WHAT YOU ARE ASKED TO DO
The records that follow must be reproduced in full, with every picture excluded.

(Dataset records)
◆ ◆ ◆ ◆ ◆
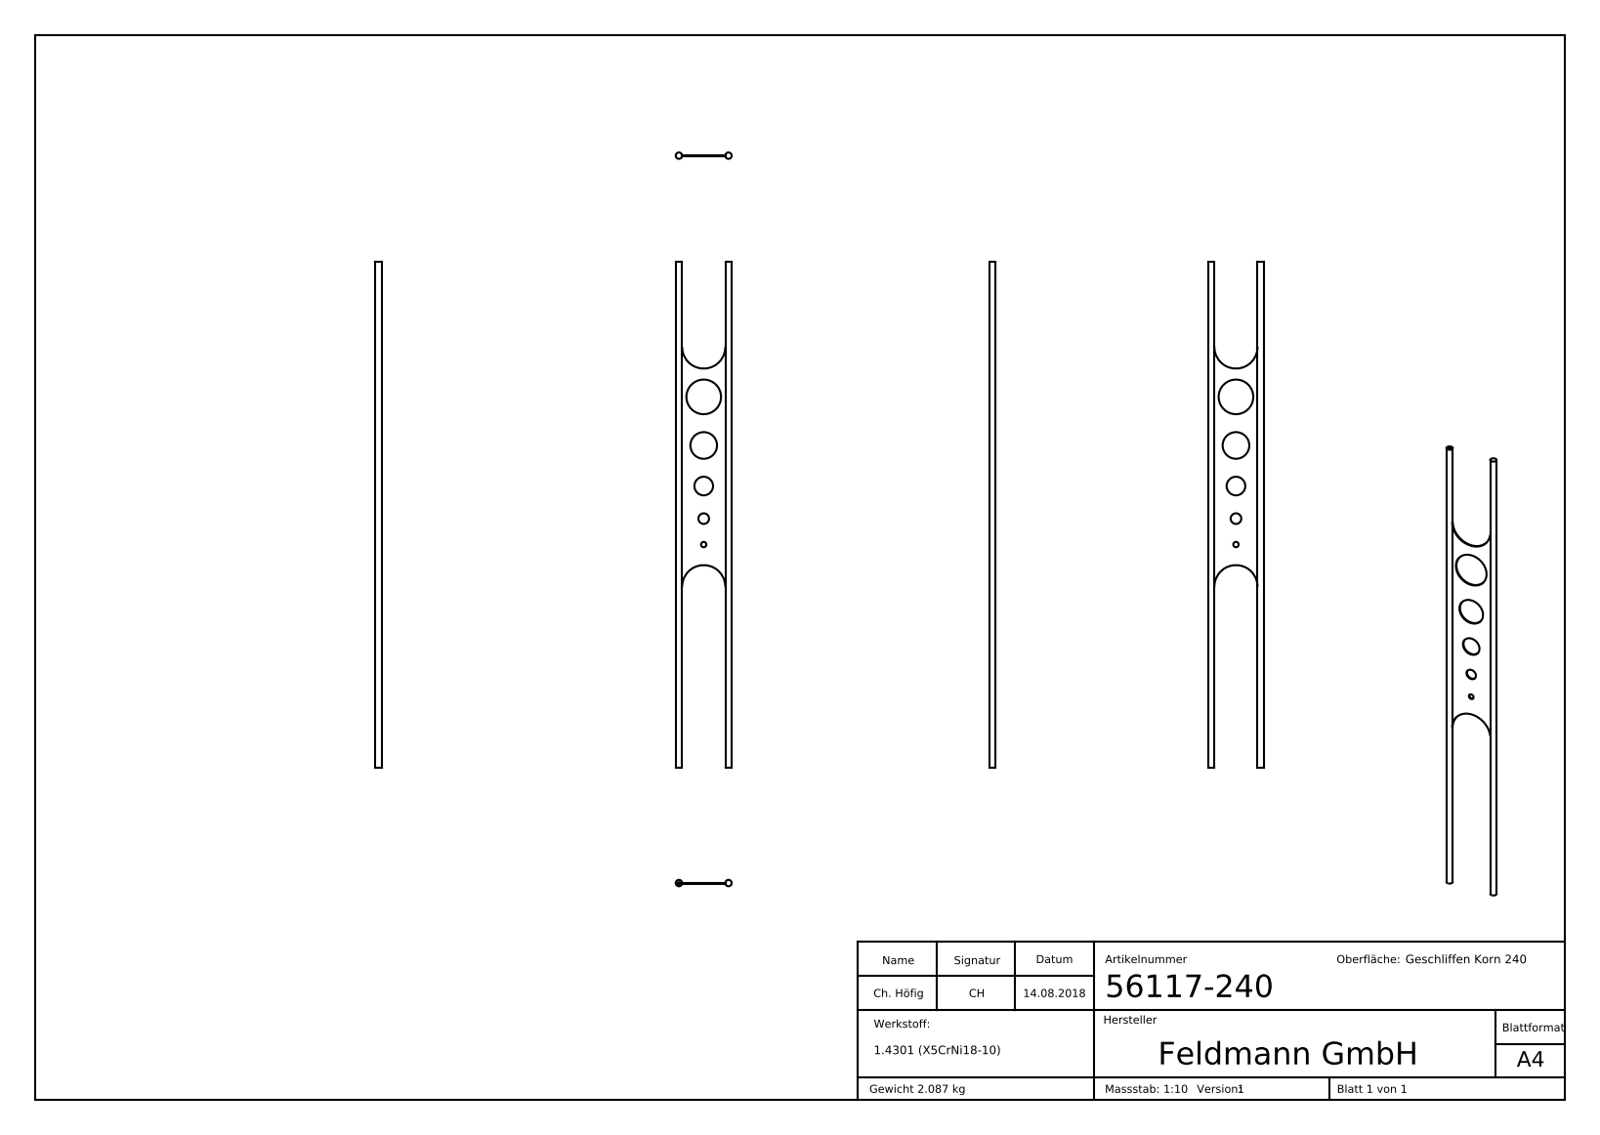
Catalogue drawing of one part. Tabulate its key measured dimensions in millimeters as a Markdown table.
| quantity | value |
| --- | --- |
| part name | 56117-240 |
| STEP written by | SolidWorks 2015 (CONFIG_CONTROL_DESIGN) |
| units | millimeters |
| bodies | 3 solids, 243 faces (143 planar, 20 cylindrical, 80 other) |
| overall size | 950 × 105 × 12 |
| volume | 165 570 mm³ |
| surface area | 124 862 mm² |
| round bosses / shafts (diameter × count) | 12 × 2, 65 × 1, 50 × 1, 35 × 1, 20 × 1, 10 × 1 |
| partial cylindrical surfaces (radius × count) | 40.5 × 2 |
| main face-to-face distances | 2, 81, 950, 949.5, 0.5, 0.53, 0.61, 2.61, 2.53, 2.33 |
◆ ◆ ◆ ◆ ◆
EXERCISE RESULT
Catalogue drawing of one part. Tabulate its key measured dimensions in millimeters as a Markdown table.
| quantity | value |
| --- | --- |
| part name | 56117-240 |
| STEP written by | SolidWorks 2015 (CONFIG_CONTROL_DESIGN) |
| units | millimeters |
| bodies | 3 solids, 243 faces (143 planar, 20 cylindrical, 80 other) |
| overall size | 950 × 105 × 12 |
| volume | 165 570 mm³ |
| surface area | 124 862 mm² |
| round bosses / shafts (diameter × count) | 12 × 2, 65 × 1, 50 × 1, 35 × 1, 20 × 1, 10 × 1 |
| partial cylindrical surfaces (radius × count) | 40.5 × 2 |
| main face-to-face distances | 2, 81, 950, 949.5, 0.5, 0.53, 0.61, 2.61, 2.53, 2.33 |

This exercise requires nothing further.